The same article goes on to note that “economic and social science research suggests that consumers tend to spend more using plastic than they ever would with actual cash.”
We buy what we don’t need and justify it because we are getting points. We feel less guilt when we splurge with a credit card than when we spend cash. The reward of points eases our conscious concerning our frivolous spending. As the saying goes, nothing is free in life. Everything comes with a price. At the end of the day, the “free” plane ticket isn’t free after all.
“Credit Cards are great to have for ‘emergencies.’”
Emergencies can happen to anyone at anytime.

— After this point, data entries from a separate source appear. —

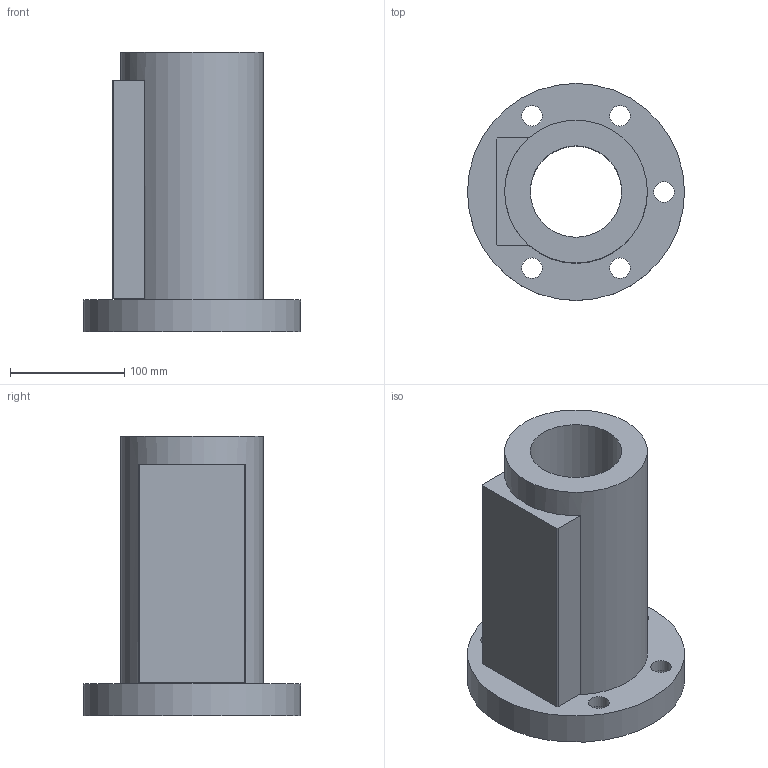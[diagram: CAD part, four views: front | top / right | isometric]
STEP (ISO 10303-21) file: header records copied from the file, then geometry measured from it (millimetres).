
FILE_DESCRIPTION(/* description */ (''),/* implementation_level */ '2;1');
FILE_NAME(/* name */ '80-20B3',/* time_stamp */ '2006-07-31T13:03:37+08:00',/* author */ (''),/* organization */ (''),/* preprocessor_version */ 'ST-DEVELOPER v9',/* originating_system */ 'UGS - NX 4.0',/* authorisation */ '');
FILE_SCHEMA (('CONFIG_CONTROL_DESIGN'));
Length unit declared in the file: millimetre
Products named in the file (1): 80-20B3
Bounding box: 190 x 190 x 245 mm (x, y, z)
Volume: 2417314.5 mm3; surface area: 228777.3 mm2
Topology: 1 solids, 1 shells, 28 faces, 61 edges, 42 vertices
Faces by surface type: plane 15, cylinder 13
Full cylindrical faces by diameter (mm): 18 x5, 26 x5, 80 x1, 125 x1, 190 x1
Entity records: 794 total; most frequent: DIRECTION 130, CARTESIAN_POINT 111, ORIENTED_EDGE 88, EDGE_LOOP 60, AXIS2_PLACEMENT_3D 57, FACE_BOUND 45, EDGE_CURVE 44, VERTEX_POINT 38

Whether it’s job loss, an unexpected trip to the hospital, car repairs, or a major home repair, there is no limit on how much an emergency will cost. Many promote using credit cards for emergencies as responsible and reasonable. But there are flaws in this logic.
If you know you have a credit card for emergencies, you lose motivation to save money and build an emergency fund. The money you should have saved becomes money blown on things you don’t need. It’s more appealing to spend extra money instead of saving it for emergencies, especially if you know you have a credit card for those emergencies.
Furthermore, you’re placing yourself at risk of paying more than you would have paid if you had used cash. A $3,000 emergency on a credit card with a 25% interest rate can quickly get out of hand. Now your revolving debt is a new emergency.
Finally, inconveniences become emergencies. When I was in college, I had an awful lot of so-called “emergencies.” Hunger pangs became emergencies. Boredom became emergencies. It’s so easy to swipe for so-called emergencies today and forget that a bill is coming tomorrow.
The Exception, Not the Rule
Using a credit card for the purposes above and paying your card off every month works for some people, but they are the exception, not the rule. How do I know this? In our office, we like to say, “Follow the money.”
Have you ever wondered how creditors make so much money? They have overhead costs and employees they have to pay — not to mention the free stuff. If the majority of people used credit cards correctly, creditors would close their businesses. The reason they aren’t losing money is that they know most people don’t use credit cards responsibly. Most Americans carry a balance forward each month, and creditors earn 22-27% on that money. Or we buy things we don’t need. Both benefit credit card companies.